We gaan nu controleren of het geheel van rietladen en staanders zuiver vlak is en we corrigeren
dat zonodig.
Neem de rietlade bij het handvat en trek het heel langzaam een klein stukje naar je toe. Als de
rietlade vlak is, zullen de staanders tegelijk of nagenoeg gelijk van de buffers vrij komen en ook
tegelijk de buffers raken, wanneer je de staanders er weer tegenaan laat rusten.
Wanneer de staanders niet op hetzelfde moment van de buffers vrijkomen, staat de rietlade iets
scheef in het getouw en je kunt dit corrigeren met de kartonnen strookjes uit het beslagzakje.
De rietstaander die het laatst van de buffer vrijkomt als je de lade naar voren trekt, is degene
waar je een of meer kartonnen strookjes in de keep tussen onderlade en staander moet steken.

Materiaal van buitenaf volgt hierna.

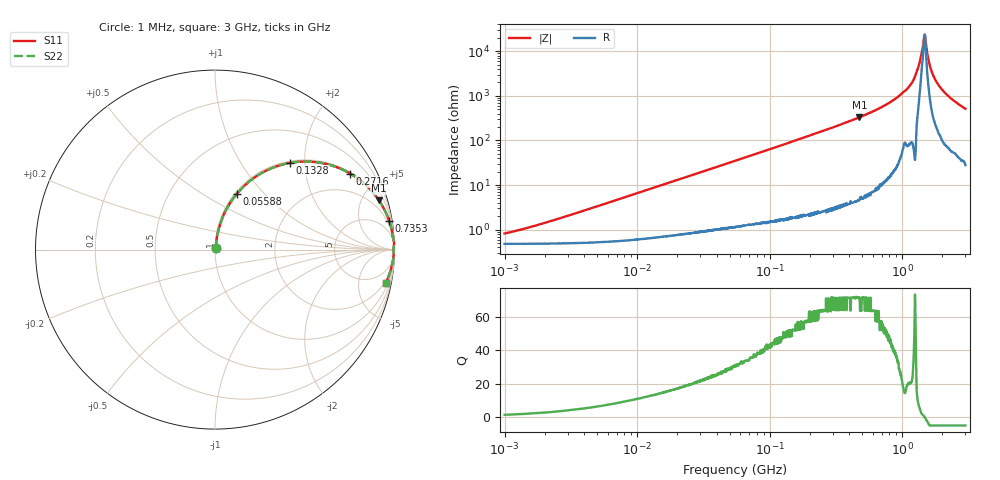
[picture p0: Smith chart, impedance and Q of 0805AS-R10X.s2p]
!s-Parameter Generated by FASTRON Sdn. Bhd.
!FASTRON P/N : 0805AS-R10X
!Keysight Technologies: E4991B_MY54100416_A.01.15
!Date: Mon Jun 15 12:51:56 2026
!Version  :Rev01  Mon Jun 15 12:51:56 2026
!Data & Calibration Information:
!Freq  S11  S21  S12  S22
!PortZ  Port1:50+j0  Port2:50+j0
!When reading reference impedance value at option line is always used.
! Remarks : This data is being provided solely for informational purposes.
# Hz S dB R 50
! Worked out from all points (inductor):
!   1601 points, 1 MHz to 3 GHz, reference 50 ohm
!   read as one part in series: L = 105 nH near 2.216 MHz
!   highest Q = 71.7 at 475.8 MHz (marker M1), where L = 111 nH
!   self-resonance near 1.474 GHz
!   S11 on the Smith chart (normalised r, x): 1 MHz: 1.01, +0.01; 55.88 MHz: 1.02, +0.71; 132.8 MHz: 1.04, +1.69; 271.6 MHz: 1.06, +3.53; 735.3 MHz: 1, +12; 3 GHz: 2, -10
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1000000  -41.80 53.7  -0.04 -0.4  -0.04 -0.4  -41.80 53.7
3804036  -31.90 77.2  -0.05 -1.4  -0.05 -1.4  -31.90 77.2
1.447069e7  -20.60 80.6  -0.10 -5.3  -0.10 -5.3  -20.60 80.6
5.504702e7  -9.68 69.0  -0.59 -19.1  -0.59 -19.1  -9.68 69.0
5.587962e7  -9.57 68.7  -0.61 -19.4  -0.61 -19.4  -9.57 68.7
1.328058e8  -3.89 49.1  -2.43 -39.7  -2.43 -39.7  -3.89 49.1
2.083556e8  -2.00 36.5  -4.52 -52.6  -4.52 -52.6  -2.00 36.5
2.716345e8  -1.27 29.3  -6.20 -59.8  -6.20 -59.8  -1.27 29.3
4.75755e8  -0.41 16.7  -10.80 -72.5  -10.80 -72.5  -0.41 16.7
7.352784e8  -0.14 9.3  -15.80 -79.6  -15.80 -79.6  -0.14 9.3
7.925923e8  -0.12 8.2  -16.90 -80.6  -16.90 -80.6  -0.12 8.2
1.059487e9  -0.07 4.3  -22.50 -81.9  -22.50 -81.9  -0.07 4.3
1.194682e9  -0.03 2.8  -26.30 -84.8  -26.30 -84.8  -0.03 2.8
1.307284e9  -0.02 1.4  -31.90 -83.1  -31.90 -83.1  -0.02 1.4
1.437675e9  -0.04 0.3  -42.70 -49.7  -42.70 -49.7  -0.04 0.3
1.474099e9  -0.04 0.0  -47.30 -5.5  -47.30 -5.5  -0.04 0.0
1.519029e9  -0.04 -0.4  -42.50 56.9  -42.50 56.9  -0.04 -0.4
1.589003e9  -0.03 -0.9  -35.50 75.9  -35.50 75.9  -0.03 -0.9
1.653904e9  -0.04 -1.5  -31.70 80.3  -31.70 80.3  -0.04 -1.5
1.827992e9  -0.05 -2.8  -26.10 81.8  -26.10 81.8  -0.05 -2.8
2.244273e9  -0.10 -5.8  -19.90 80.3  -19.90 80.3  -0.10 -5.8
3e9  -0.25 -10.9  -14.50 76.0  -14.50 76.0  -0.25 -10.9

Plaats de rietlade in het getouw; door hem schuin
te houden leid je hem eerst langs de ene en dan
langs de andere zijregel. Plaats de
scharnierhaken in de sleuven van de onderste
zijregels.
Monteer het handvat op de bovenrietlade.
Tussen de kop van de houtdraadbout en de
rietlade plaats je een ring, evenals tussen de
afstandsbus en de rietlade. Tussen de bus en het
handvat komt geen ring en je draait de bout zo
strak aan dat de bus net in het hout van het
handvat dringt.
Monteer de bovenrietlade met de slotbouten met
ring en vleugelmoer. Let er op dat de ring onder
de vleugelmoer komt en niet tussen rietlade en
staander.
Als je na het aandraaien van de vleugelmoer met
een hamer op de kop ban de slotbout tikt, kun je
de vleugelmoer opnieuw aandraaien. Herhaal dit
tot de kop volledig aangetrokken is.